The BABIP (.313) is lower than it ever has been, but it’s not abnormally low. His batted ball profile does show some interesting trends: his 48.9% hard-hit rate is at an all-time high and 4.6% greater than in 2017, but his 17.3% soft-hit percentage is also the highest it’s ever been and represents a 6% increase since 2016. The increase in radical extremes, with more soft-hit balls, doesn’t seem to be helping him. Projections paint a rosier picture in the second half, but owners were banking on last year’s second half Goldschmidt, not a return to the struggles that dogged him begin 2018.
2B: Jose Altuve (HOU): ADP 13.2, 2nd overall second baseman
Altuve has only appeared in 52 games this season, and in those contests, he’s produced a .264/.330/.463 slash line to go along with 10 home runs and a paltry two steals. He’s also striking out more than he ever has (14.7% K-rate). Altuve was always at his best when his batted ball profile leaned heavily on a high medium-hit%, putting the ball in play and allowing his speed to wreak havoc on the basepaths. Unfortunately, this year, his Med% is at least 10% lower than career norms and his BABIP is at a career-low .269.

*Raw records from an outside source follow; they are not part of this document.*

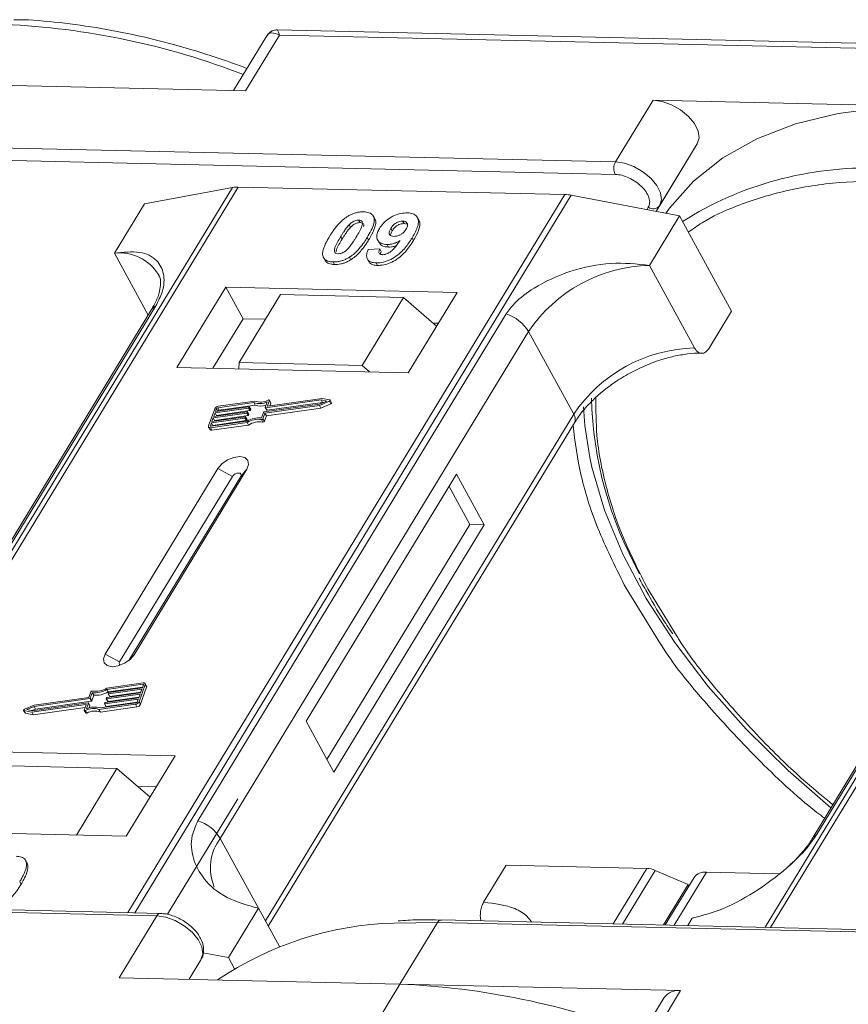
# Model space of a CAD drawing. Header units: millimetres. Extents: x 506 to 1981, y 649 to 1682.
# Tile 60 of 86: x 1484 to 1526, y 1450 to 1499. Entities that reach past the tile are written whole.
import ezdxf

# ---------------------------------------------------------------- set-up
doc = ezdxf.new("R2010")
doc.units = ezdxf.units.MM

msp = doc.modelspace()

# ---------------------------------------------------------------- linework, layer by layer
at = {"color": 7, "linetype": 'Continuous', "lineweight": 15}
for p, q in [((1531.783, 1497.956), (1497.246, 1498.748)), ((1496.717, 1498.451), (1495.068, 1495.74)), ((1495.663, 1495.726), (1497.343, 1498.488)), ((1497.343, 1498.488), (1531.526, 1497.704)), ((1481.719, 1496.046), (1495.663, 1495.726)), ((1515.902, 1495.262), (1514.035, 1492.193)), ((1529.846, 1494.942), (1515.902, 1495.262)), ((1514.035, 1492.193), (1479.852, 1492.977)), ((1518.095, 1493.086), (1516.053, 1489.728)), ((1516.228, 1490.017), (1518.095, 1493.086)), ((1479.837, 1492.355), (1514.02, 1491.571)), ((1495.015, 1490.921), (1473.335, 1455.291)), ((1473.604, 1455.285), (1495.301, 1490.942)), ((1490.638, 1490.115), (1495.015, 1490.921)), ((1495.301, 1490.942), (1511.518, 1490.57)), ((1511.518, 1490.57), (1489.821, 1454.913)), ((1490.154, 1454.905), (1511.834, 1490.535)), ((1511.834, 1490.535), (1517.215, 1489.505)), ((1490.638, 1490.115), (1489.144, 1487.66)), ((1515.665, 1489.939), (1515.591, 1489.816)), ((1516.052, 1489.728), (1516.228, 1490.017)), ((1543.142, 1489.817), (1521.462, 1454.187)), ((1521.731, 1454.181), (1543.428, 1489.838)), ((1501.277, 1489.302), (1501.346, 1489.176)), ((1502.075, 1489.372), (1502.006, 1489.498)), ((1503.531, 1489.125), (1503.462, 1489.251)), ((1504.262, 1489.307), (1504.193, 1489.433)), ((1515.721, 1487.05), (1517.215, 1489.505)), ((1517.215, 1489.505), (1519.802, 1484.778)), ((1500.805, 1489.068), (1500.874, 1488.942)), ((1502.877, 1488.892), (1502.946, 1488.766)), ((1503.531, 1489.125), (1503.659, 1489.1)), ((1500.383, 1488.477), (1500.452, 1488.351)), ((1501.775, 1488.316), (1501.706, 1488.442)), ((1502.223, 1488.313), (1502.292, 1488.186)), ((1503.998, 1488.286), (1503.929, 1488.412)), ((1501.747, 1487.834), (1502.331, 1487.873)), ((1502.331, 1487.873), (1502.4, 1487.747)), ((1502.688, 1488.088), (1502.757, 1487.962)), ((1489.144, 1487.66), (1490.826, 1484.585)), ((1499.588, 1487.361), (1499.657, 1487.235)), ((1500.82, 1487.458), (1500.889, 1487.332)), ((1501.712, 1487.368), (1501.781, 1487.242)), ((1500.013, 1487.224), (1500.082, 1487.098)), ((1502.146, 1487.175), (1502.215, 1487.049)), ((1517.963, 1482.953), (1515.721, 1487.05)), ((1494.675, 1485.977), (1492.247, 1481.988)), ((1506.168, 1485.714), (1494.675, 1485.977)), ((1494.675, 1485.977), (1495.537, 1484.401)), ((1497.397, 1485.604), (1495.343, 1482.228)), ((1503.503, 1485.464), (1497.397, 1485.604)), ((1501.449, 1482.088), (1503.503, 1485.464)), ((1503.503, 1485.464), (1505.147, 1484.036)), ((1503.74, 1481.724), (1506.168, 1485.714)), ((1490.99, 1484.855), (1475.677, 1459.689)), ((1475.892, 1459.876), (1491.205, 1485.041)), ((1508.609, 1484.642), (1493.296, 1459.476)), ((1495.537, 1484.401), (1494.043, 1481.947)), ((1496.65, 1484.376), (1495.537, 1484.401)), ((1518.682, 1482.936), (1519.802, 1484.778)), ((1505.234, 1484.179), (1504.976, 1484.185)), ((1524.018, 1458.772), (1539.331, 1483.937)), ((1494.404, 1458.599), (1509.717, 1483.765)), ((1511.958, 1479.668), (1509.717, 1483.765)), ((1539.117, 1483.751), (1523.804, 1458.585)), ((1492.247, 1481.988), (1503.74, 1481.724)), ((1495.343, 1482.228), (1495.32, 1481.917)), ((1501.449, 1482.088), (1495.343, 1482.228)), ((1501.817, 1481.768), (1501.449, 1482.088)), ((1499.461, 1480.451), (1496.774, 1480.07)), ((1499.849, 1480.369), (1499.461, 1480.451)), ((1494.13, 1479.93), (1493.824, 1479.079)), ((1495.805, 1479.966), (1494.145, 1479.73)), ((1494.17, 1479.801), (1495.83, 1480.037)), ((1494.221, 1479.943), (1494.17, 1479.801)), ((1494.289, 1479.818), (1494.221, 1479.943)), ((1496.068, 1480.239), (1494.28, 1479.985)), ((1494.28, 1479.985), (1494.349, 1479.859)), ((1496.122, 1480.314), (1494.305, 1480.056)), ((1494.349, 1479.859), (1496.137, 1480.113)), ((1495.874, 1479.84), (1495.805, 1479.966)), ((1495.847, 1480.022), (1495.834, 1479.987)), ((1495.903, 1479.861), (1495.834, 1479.987)), ((1495.916, 1479.905), (1495.847, 1480.031)), ((1495.916, 1479.896), (1495.847, 1480.022)), ((1496.137, 1480.113), (1496.068, 1480.239)), ((1496.581, 1479.773), (1499.34, 1480.165)), ((1496.624, 1479.712), (1499.333, 1480.097)), ((1496.641, 1480), (1496.739, 1480.274)), ((1496.641, 1479.991), (1496.71, 1479.865)), ((1499.417, 1480.378), (1496.657, 1479.986)), ((1496.726, 1479.86), (1496.657, 1479.986)), ((1496.693, 1479.586), (1499.402, 1479.97)), ((1496.726, 1479.86), (1499.486, 1480.252)), ((1496.758, 1480.084), (1496.85, 1480.341)), ((1496.766, 1480.07), (1496.758, 1480.084)), ((1496.918, 1480.233), (1496.849, 1480.359)), ((1496.85, 1480.341), (1496.919, 1480.215)), ((1496.872, 1480.084), (1496.919, 1480.215)), ((1499.333, 1480.097), (1499.825, 1480.304)), ((1499.402, 1479.97), (1499.333, 1480.097)), ((1499.34, 1480.165), (1499.702, 1480.317)), ((1499.402, 1479.97), (1499.894, 1480.178)), ((1499.702, 1480.317), (1499.417, 1480.378)), ((1499.486, 1480.252), (1499.417, 1480.378)), ((1499.486, 1480.252), (1499.526, 1480.243)), ((1499.825, 1480.304), (1499.894, 1480.178)), ((1499.933, 1480.233), (1499.864, 1480.359)), ((1495.627, 1479.469), (1493.966, 1479.234)), ((1493.992, 1479.304), (1495.652, 1479.54)), ((1494.056, 1479.482), (1493.992, 1479.304)), ((1495.716, 1479.718), (1494.056, 1479.482)), ((1494.125, 1479.356), (1494.056, 1479.482)), ((1494.081, 1479.553), (1495.741, 1479.788)), ((1494.145, 1479.73), (1494.081, 1479.553)), ((1494.125, 1479.356), (1495.785, 1479.591)), ((1494.214, 1479.604), (1494.145, 1479.73)), ((1494.201, 1479.57), (1494.214, 1479.604)), ((1494.214, 1479.604), (1495.874, 1479.84)), ((1495.696, 1479.343), (1495.627, 1479.469)), ((1495.669, 1479.526), (1495.656, 1479.49)), ((1495.725, 1479.364), (1495.656, 1479.49)), ((1495.737, 1479.409), (1495.668, 1479.535)), ((1495.669, 1479.526), (1495.738, 1479.4)), ((1495.785, 1479.591), (1495.716, 1479.718)), ((1495.758, 1479.774), (1495.745, 1479.739)), ((1495.814, 1479.612), (1495.745, 1479.739)), ((1495.827, 1479.657), (1495.758, 1479.783)), ((1495.827, 1479.648), (1495.758, 1479.774)), ((1495.814, 1479.612), (1495.827, 1479.648)), ((1495.903, 1479.861), (1495.916, 1479.896)), ((1496.453, 1479.478), (1496.552, 1479.752)), ((1496.525, 1479.437), (1496.624, 1479.712)), ((1496.594, 1479.311), (1496.525, 1479.437)), ((1496.594, 1479.311), (1496.693, 1479.586)), ((1496.693, 1479.586), (1496.624, 1479.712)), ((1511.958, 1479.668), (1496.645, 1454.502)), ((1493.825, 1479.024), (1493.894, 1478.898)), ((1493.966, 1479.234), (1493.915, 1479.092)), ((1493.915, 1479.092), (1493.931, 1479.063)), ((1493.923, 1478.992), (1495.739, 1479.25)), ((1493.992, 1478.866), (1493.923, 1478.992)), ((1493.948, 1479.063), (1495.736, 1479.317)), ((1494.035, 1479.107), (1493.966, 1479.234)), ((1493.992, 1478.866), (1495.808, 1479.124)), ((1494.023, 1479.073), (1494.035, 1479.107)), ((1494.035, 1479.107), (1495.696, 1479.343)), ((1494.112, 1479.322), (1494.125, 1479.356)), ((1495.725, 1479.364), (1495.738, 1479.4)), ((1495.808, 1479.124), (1495.739, 1479.25)), ((1496.448, 1479.396), (1496.517, 1479.27)), ((1496.788, 1454.241), (1511.992, 1479.227)), ((1494.288, 1476.962), (1488.685, 1467.755)), ((1495.008, 1476.572), (1489.406, 1467.365)), ((1489.866, 1467.438), (1495.418, 1476.563)), ((1490.122, 1467.722), (1495.724, 1476.929)), ((1494.288, 1476.962), (1495.008, 1476.572)), ((1495.724, 1476.929), (1495.418, 1476.563)), ((1506.14, 1476.69), (1498.67, 1464.414)), ((1507.519, 1474.168), (1506.14, 1476.69)), ((1506.801, 1474.185), (1505.766, 1476.076)), ((1499.705, 1462.523), (1506.801, 1474.185)), ((1500.05, 1461.892), (1507.519, 1474.168)), ((1507.519, 1474.168), (1506.801, 1474.185)), ((1514.563, 1471.017), (1516.291, 1468.229)), ((1517.063, 1468.682), (1515.641, 1470.992)), ((1489.406, 1467.365), (1488.685, 1467.755)), ((1490.122, 1467.722), (1489.933, 1467.496)), ((1490.578, 1466.322), (1488.762, 1466.064)), ((1490.553, 1466.251), (1488.765, 1465.997)), ((1490.372, 1465.384), (1490.677, 1466.235)), ((1490.579, 1466.203), (1490.553, 1466.251)), ((1490.745, 1466.164), (1490.676, 1466.29)), ((1490.677, 1466.235), (1490.746, 1466.109)), ((1487.976, 1465.876), (1487.877, 1465.602)), ((1488.048, 1465.836), (1487.95, 1465.561)), ((1488.117, 1465.709), (1488.048, 1465.836)), ((1490.42, 1465.761), (1488.76, 1465.525)), ((1488.834, 1465.871), (1488.765, 1465.997)), ((1488.785, 1465.596), (1490.446, 1465.832)), ((1488.833, 1465.788), (1488.845, 1465.823)), ((1488.833, 1465.779), (1488.902, 1465.652)), ((1488.834, 1465.871), (1490.547, 1466.114)), ((1490.509, 1466.009), (1488.849, 1465.773)), ((1488.918, 1465.647), (1488.849, 1465.773)), ((1488.875, 1465.844), (1490.535, 1466.08)), ((1488.918, 1465.647), (1490.458, 1465.866)), ((1490.357, 1465.583), (1490.42, 1465.761)), ((1490.441, 1465.258), (1490.746, 1466.109)), ((1490.446, 1465.832), (1490.509, 1466.009)), ((1490.535, 1466.08), (1490.586, 1466.222)), ((1485.085, 1464.936), (1487.844, 1465.328)), ((1487.92, 1465.54), (1485.161, 1465.149)), ((1487.877, 1465.602), (1485.168, 1465.217)), ((1485.23, 1465.022), (1487.989, 1465.414)), ((1487.861, 1465.313), (1487.762, 1465.039)), ((1487.929, 1465.196), (1487.86, 1465.322)), ((1487.93, 1465.187), (1487.861, 1465.313)), ((1487.989, 1465.414), (1487.92, 1465.54)), ((1488.019, 1465.435), (1487.95, 1465.561)), ((1488.019, 1465.435), (1488.117, 1465.709)), ((1488.38, 1465), (1490.196, 1465.258)), ((1488.434, 1465.075), (1490.222, 1465.329)), ((1488.654, 1465.291), (1488.667, 1465.327)), ((1488.654, 1465.282), (1488.723, 1465.156)), ((1490.331, 1465.512), (1488.671, 1465.277)), ((1488.74, 1465.151), (1488.671, 1465.277)), ((1488.696, 1465.348), (1490.357, 1465.583)), ((1488.74, 1465.151), (1490.28, 1465.369)), ((1488.743, 1465.539), (1488.756, 1465.575)), ((1488.744, 1465.53), (1488.813, 1465.404)), ((1488.829, 1465.399), (1488.76, 1465.525)), ((1488.829, 1465.399), (1490.369, 1465.618)), ((1490.196, 1465.258), (1490.265, 1465.132)), ((1490.28, 1465.371), (1490.331, 1465.512)), ((1490.441, 1465.258), (1490.372, 1465.384)), ((1484.637, 1464.955), (1484.706, 1464.829)), ((1484.653, 1464.944), (1485.04, 1464.862)), ((1484.722, 1464.818), (1484.653, 1464.944)), ((1485.168, 1465.217), (1484.676, 1465.01)), ((1484.722, 1464.818), (1485.109, 1464.736)), ((1485.161, 1465.149), (1484.799, 1464.996)), ((1484.799, 1464.996), (1485.085, 1464.936)), ((1485.04, 1464.862), (1487.727, 1465.244)), ((1485.109, 1464.736), (1485.04, 1464.862)), ((1485.044, 1464.944), (1485.23, 1465.022)), ((1485.109, 1464.736), (1487.698, 1465.104)), ((1485.23, 1465.022), (1485.161, 1465.149)), ((1487.743, 1465.229), (1487.651, 1464.973)), ((1487.652, 1464.954), (1487.721, 1464.828)), ((1487.774, 1464.824), (1487.705, 1464.95)), ((1487.74, 1465.22), (1487.727, 1465.244)), ((1487.892, 1465.082), (1487.93, 1465.187)), ((1488.449, 1464.874), (1488.38, 1465)), ((1488.449, 1464.874), (1490.265, 1465.132)), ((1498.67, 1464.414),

He has elevated his hard-hit rate to a career-high (37.6%) which has contributed to the uptick in home runs, but Altuve will never hit enough of them to make up for the loss in other statistical categories. More than anything, his declining health (this is the second season marred by injuries) makes it difficult to expect big things in the second half. Altuve is too good a hitter not to return value moving forward, but he likely won’t return draft day investment.
SS: Jose Peraza (CIN): ADP 109.9, 14th shortstop overall
Peraza didn’t require a big draft investment (109.8 ADP, 14th SS), but he’s the only one out of the top 20 that were drafted who has been utterly useless. Most of the shortstops taken after him (Tim Anderson, Elvis Andrus, Paul DeJong, Eduardo Escobar, and many taken well past the top 20 like Jorge Polanco and Marcus Semien) have far out-produced Peraza. He’s hitting .221 with a .274 OBP to go along with just five stolen bases. In short, he’s barely worth a roster spot in NL-only leagues, and he’s completely off the radar in standard mixed leagues. That’s quite a disappointment for a player that was nearly a top-100 pick in most drafts.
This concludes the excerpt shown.